Germany’s Next Topmodel. Wieder einmal. Vermischt mit ein bisschen Femen. Woohoo!

Und schon schreiben kluge Menschen plötzlich ganz und gar unkluge Kommentare, die sie dann auf Twitter schön weiterverbreiten (lassen). Sie fühlen sich vermutlich ob ihrer Kritik an GNTM auch noch geschützt vom Deckmantel Feminismus, weil es ja ein Anschreiben gegen Sexismus sein soll. Sein soll!

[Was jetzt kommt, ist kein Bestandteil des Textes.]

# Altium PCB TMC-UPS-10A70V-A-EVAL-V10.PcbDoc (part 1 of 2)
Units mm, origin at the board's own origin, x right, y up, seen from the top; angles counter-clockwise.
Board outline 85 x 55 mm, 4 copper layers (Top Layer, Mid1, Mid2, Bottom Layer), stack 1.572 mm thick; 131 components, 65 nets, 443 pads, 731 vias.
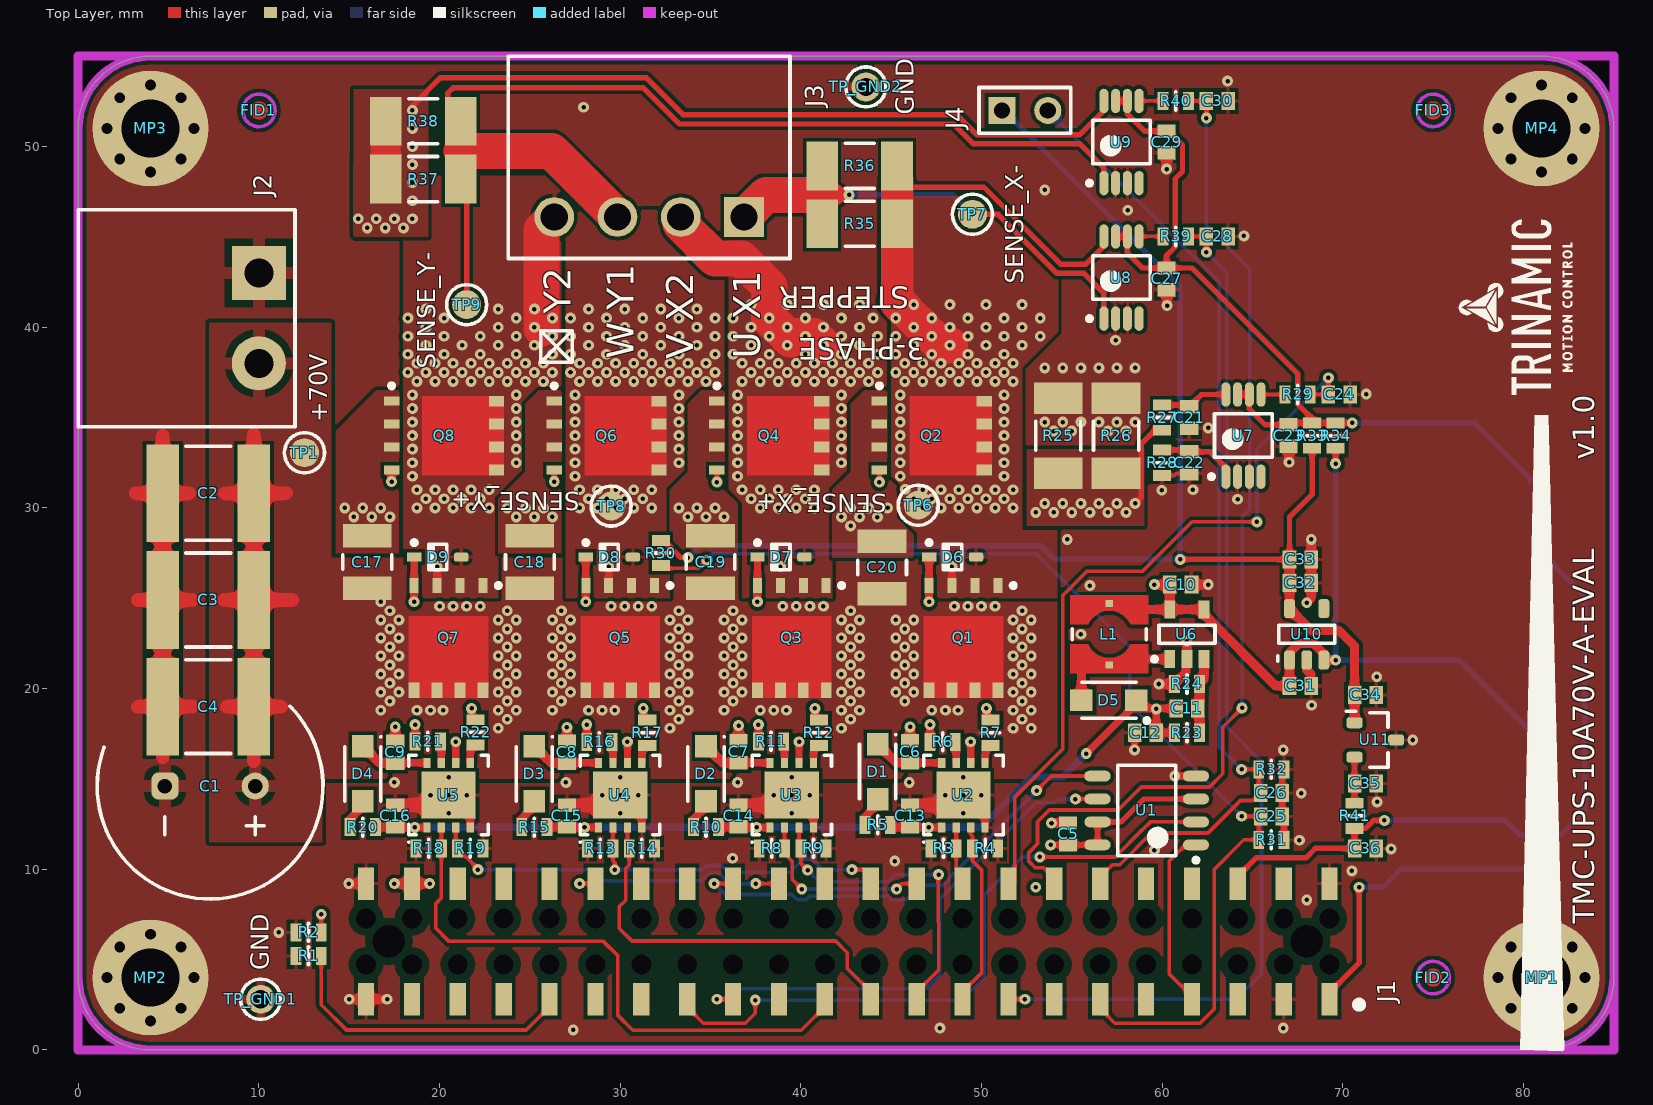
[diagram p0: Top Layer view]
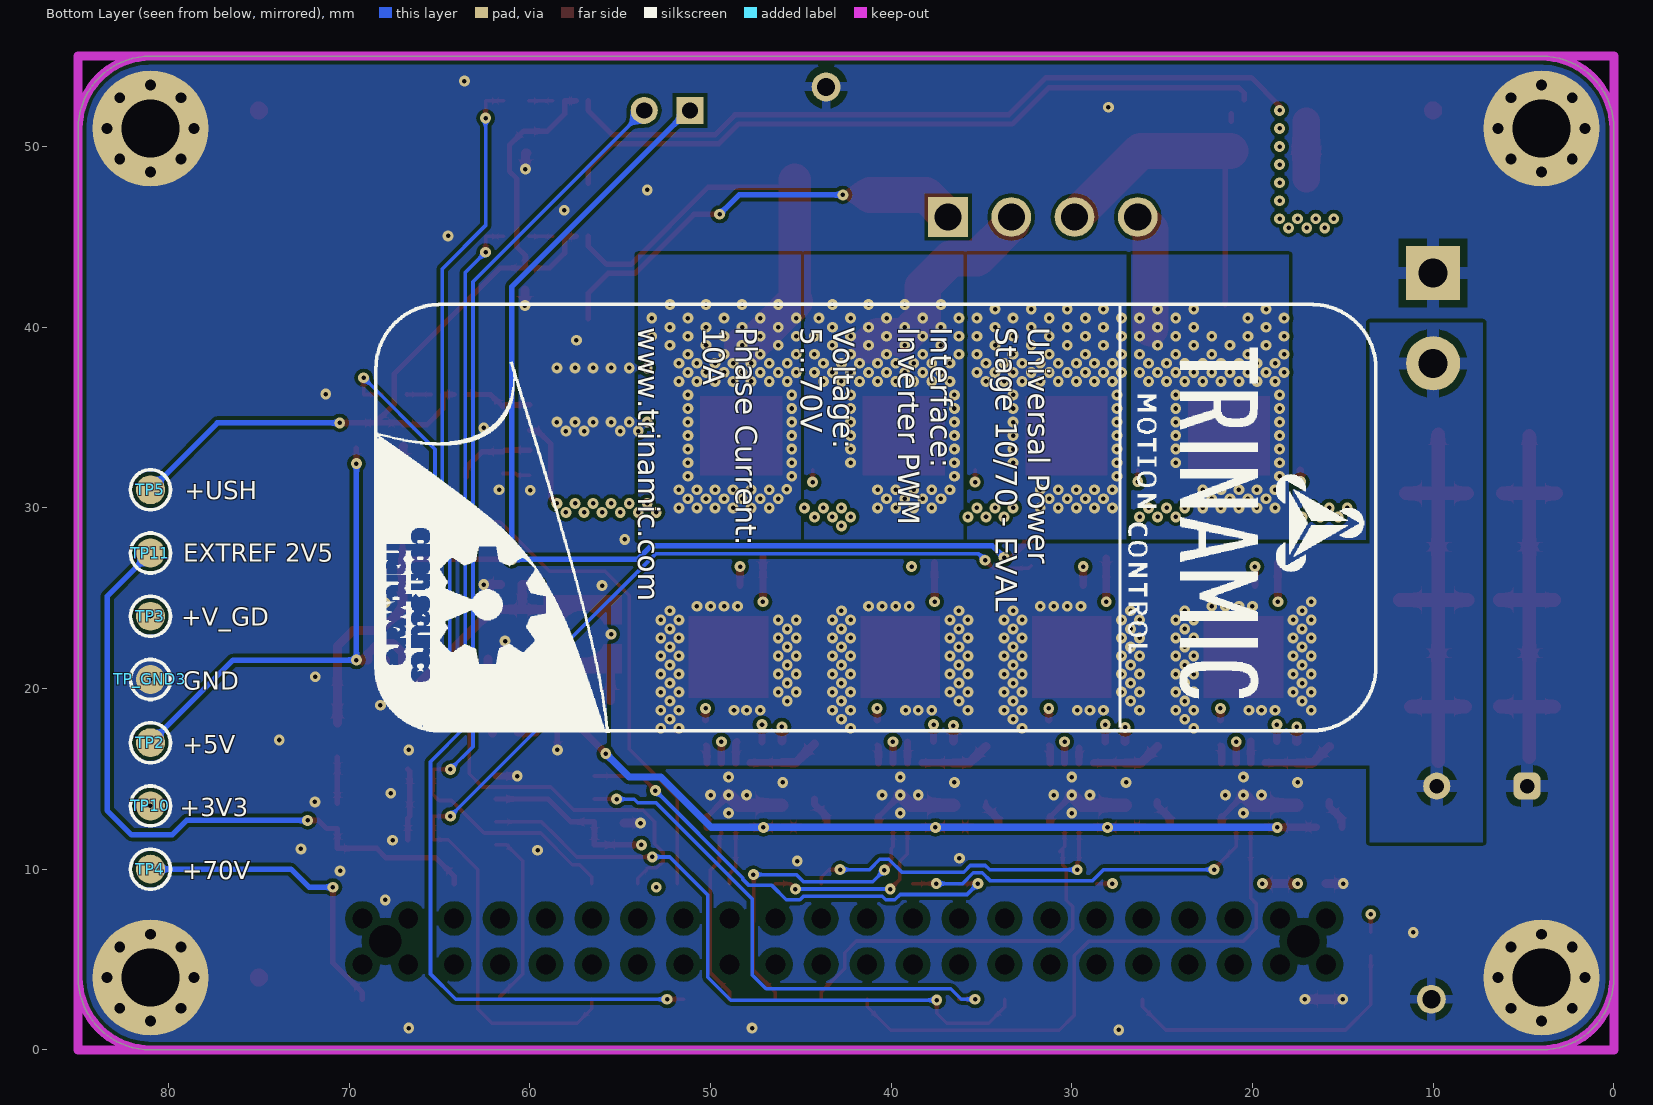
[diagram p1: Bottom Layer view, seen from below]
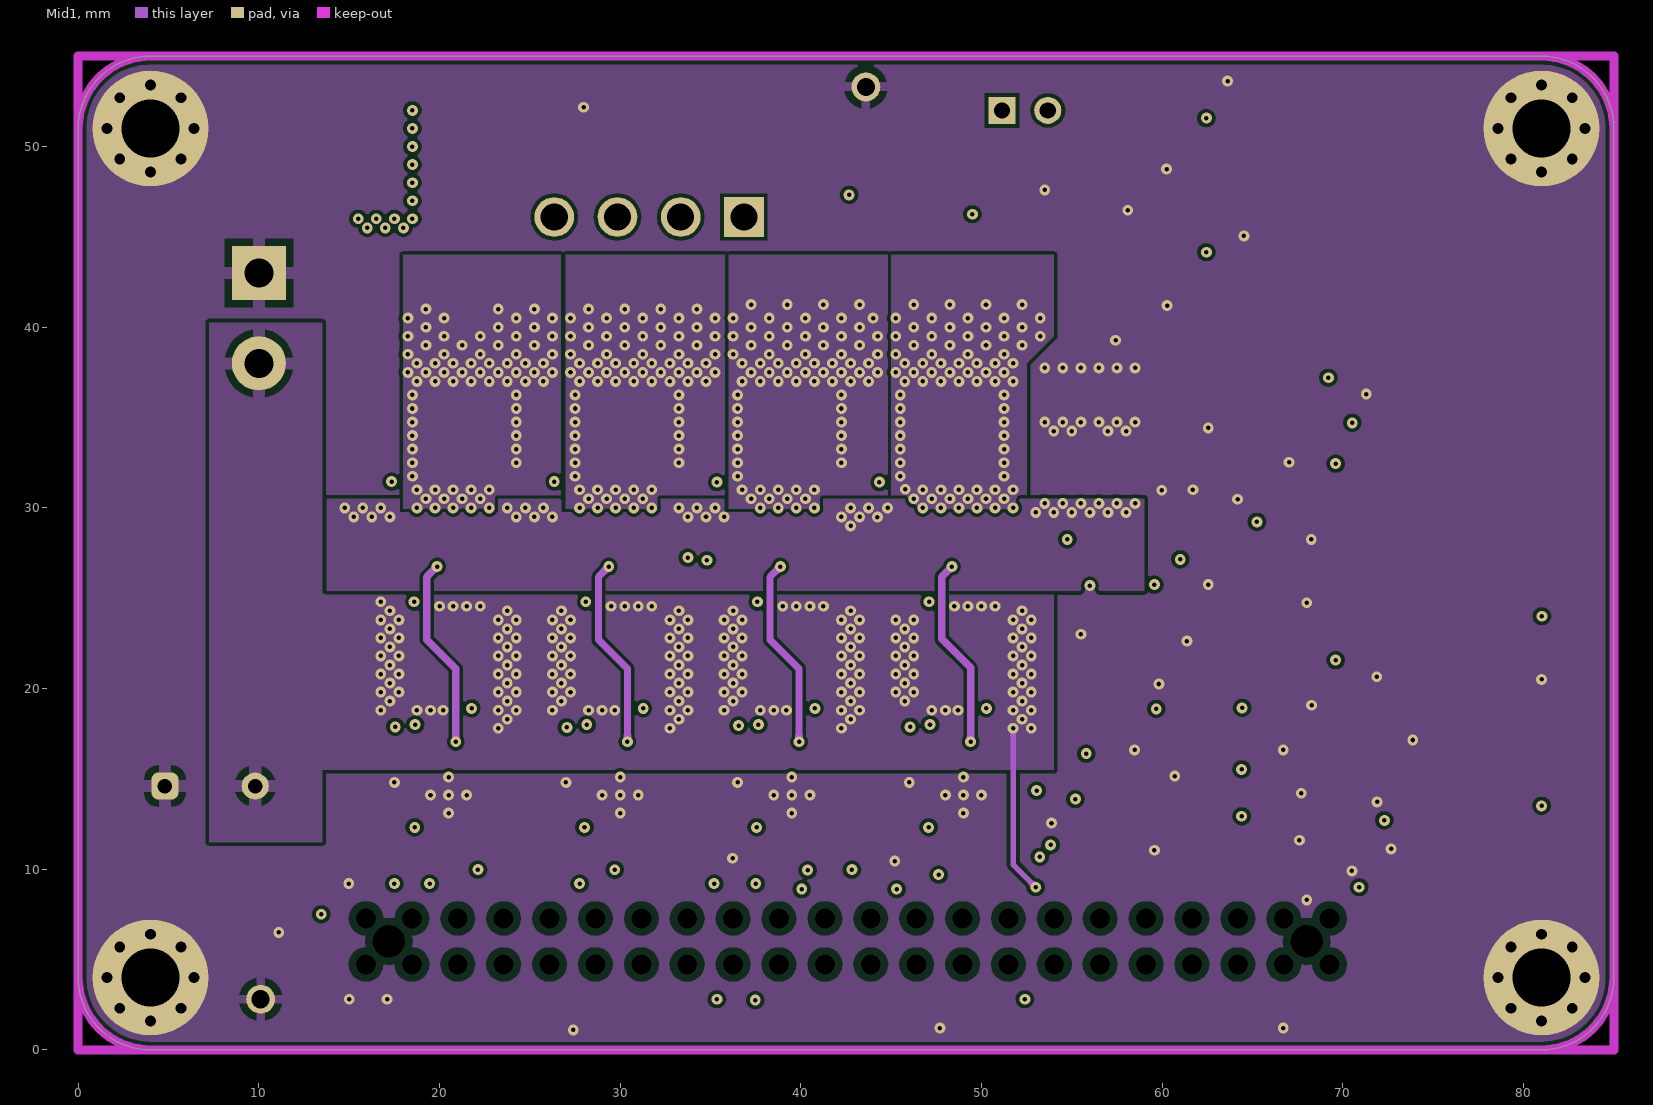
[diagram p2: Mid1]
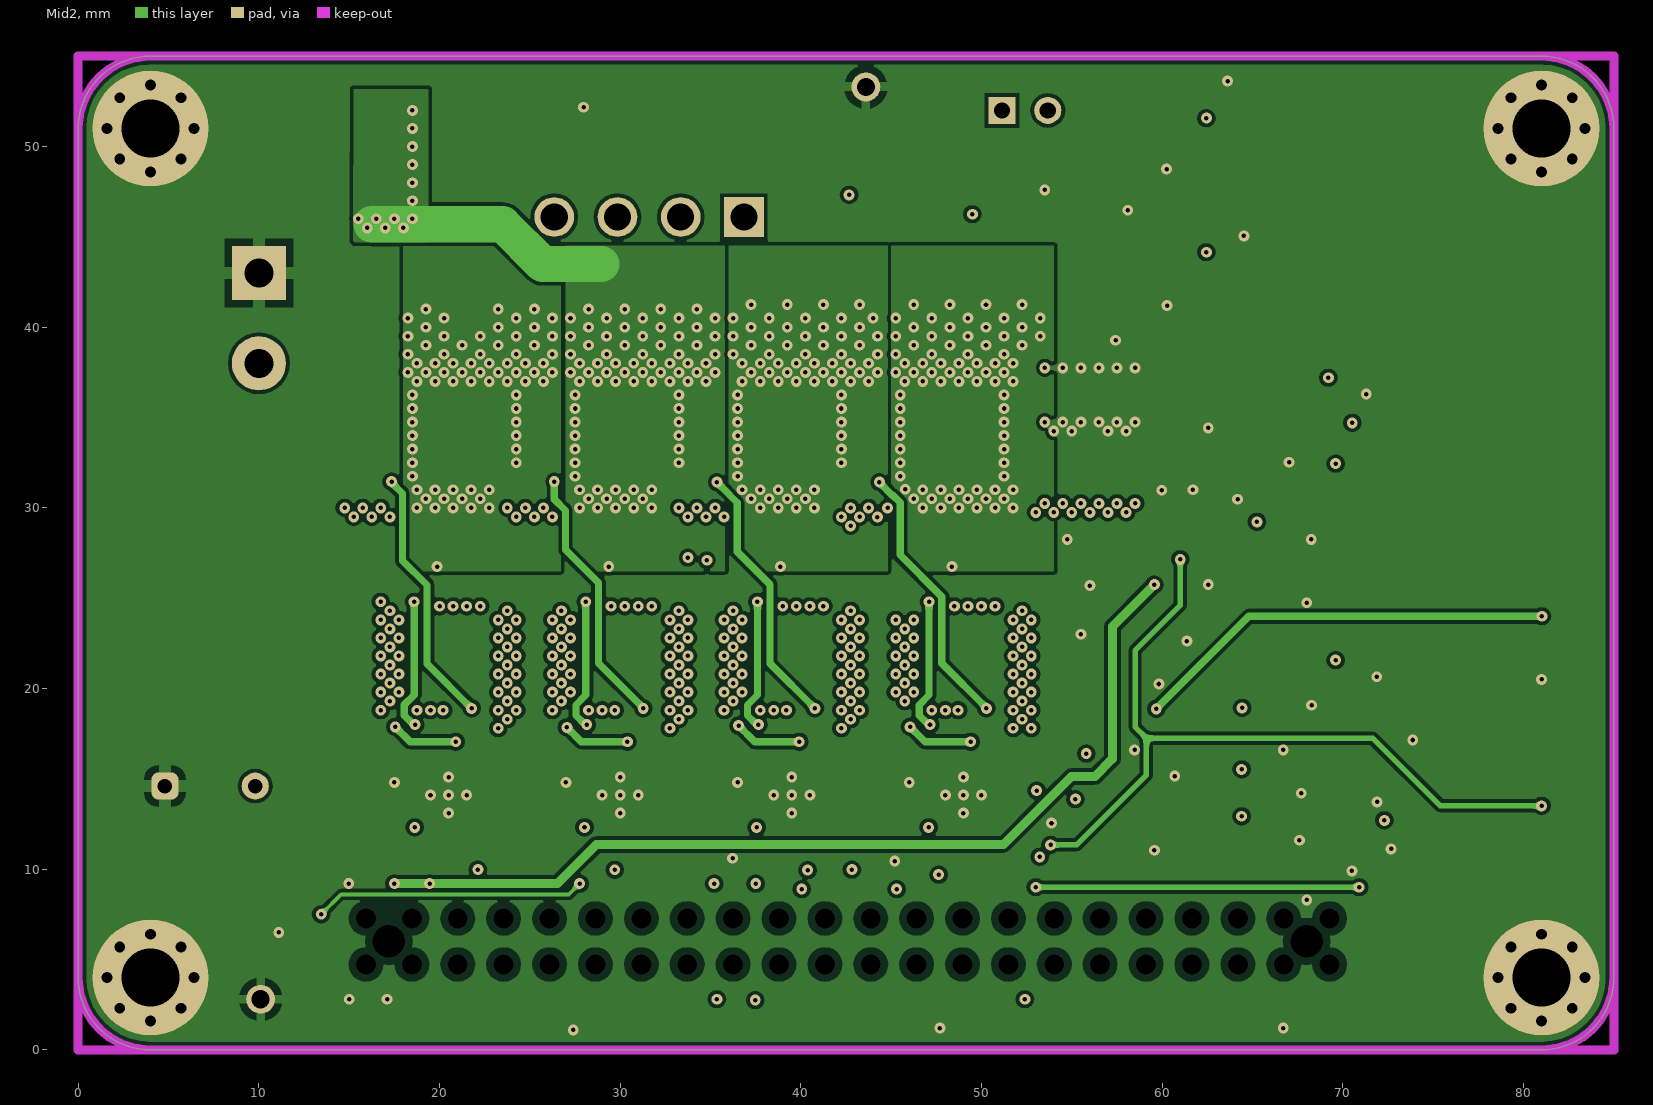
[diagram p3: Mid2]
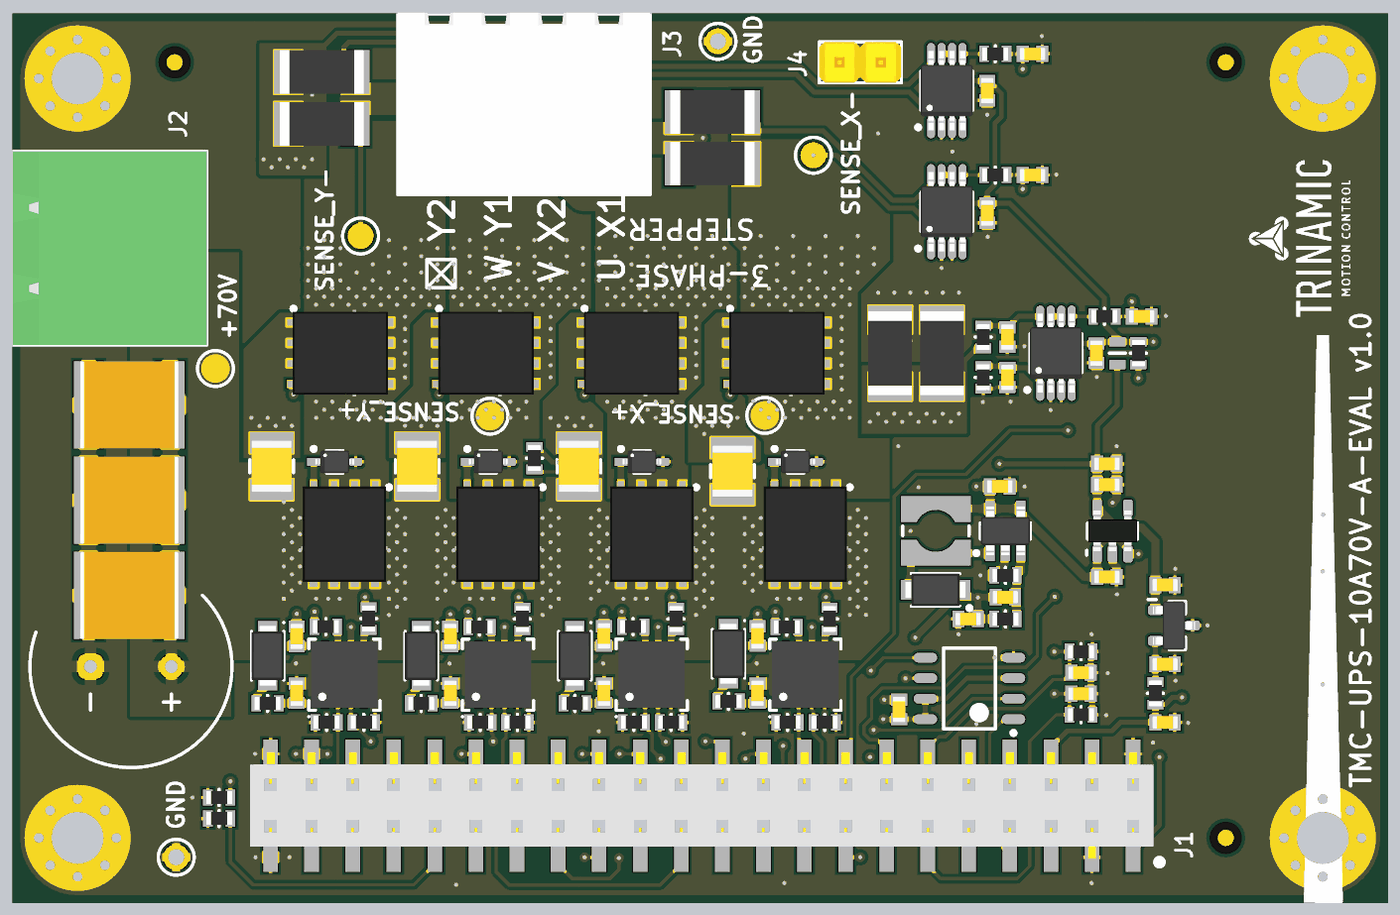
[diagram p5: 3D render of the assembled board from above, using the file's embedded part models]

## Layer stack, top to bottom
Top Soldermask: solder mask 0.0102, Solder Resist, Dk 3.5
Top Layer: signal copper 0.035
Prepreg 7628-45: prepreg 0.36, Dk 4.6
Mid1: signal copper 0.036
High Tg 1,08mm 35??m/35??m: core 0.71, FR-4, Dk 4.6
Mid2: signal copper 0.036
Prepreg 7628-45: prepreg 0.36, Dk 4.6
Bottom Layer: signal copper 0.035
Bottom Soldermask: solder mask 0.0102, Solder Resist, Dk 3.5

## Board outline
4,0 cw(c4,4) 0,4 0,51 cw(c4,51) 4,55 81,55 cw(c81,51) 85,51 85,4 cw(c81,4) 81,0

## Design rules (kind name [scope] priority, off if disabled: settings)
Clearance Clearance-unplated [IsPad and not PadIsPlated vs IsElectrical] p1: gap=0.4 ignorepadtopadclearanceinfootprint=FALSE
Clearance Clearance- [All] p2: gap=0.2 ignorepadtopadclearanceinfootprint=FALSE except(0: Arc-Hole Track-Hole SMDPad-Hole THPad-Hole Via-Hole Fill-Hole Poly-Hole Region-Hole Text-Hole; 0.125: SMDPad-SMDPad; 0.15: Track-SMDPad)
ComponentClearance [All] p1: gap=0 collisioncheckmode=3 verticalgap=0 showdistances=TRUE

Und vor lauter Schenkelklopfer-Witze über die „helle Heidi“ & Co merken sie nicht, dass sie Sexismus der übelsten Sorte produzieren: über 16-jährige Mädchen lachen, weil sie schön sein wollen oder sonst was (Mitschneiden am Schönheitsmarkt? Anyone?). Über die Moderatorin ätzen, weil ihre Stimme nicht Nachrichtensendung-seriös ist. Über die Intelligenz von Castingshow-Teilnehmer_innen herziehen.

Echt! Echt?

Das Format finde ich furchtbar. Ja. Aber sich deswegen an den Protagonistinnen abarbeiten? Immer und immer wieder. Zugegeben, manche tun das durchaus mit Witz.  Besonders perfide: das Bashing im großen Stil gegen die „naiven Jugendlichen“. Oder wahlweise auch deren Bemitleiden als „arme Opfer“. Und es entspricht auch vielfach meiner ersten ad-hoc-Reaktion. Aber! Einmal ein bisschen länger nachdenken wäre an dieser Stelle angebracht.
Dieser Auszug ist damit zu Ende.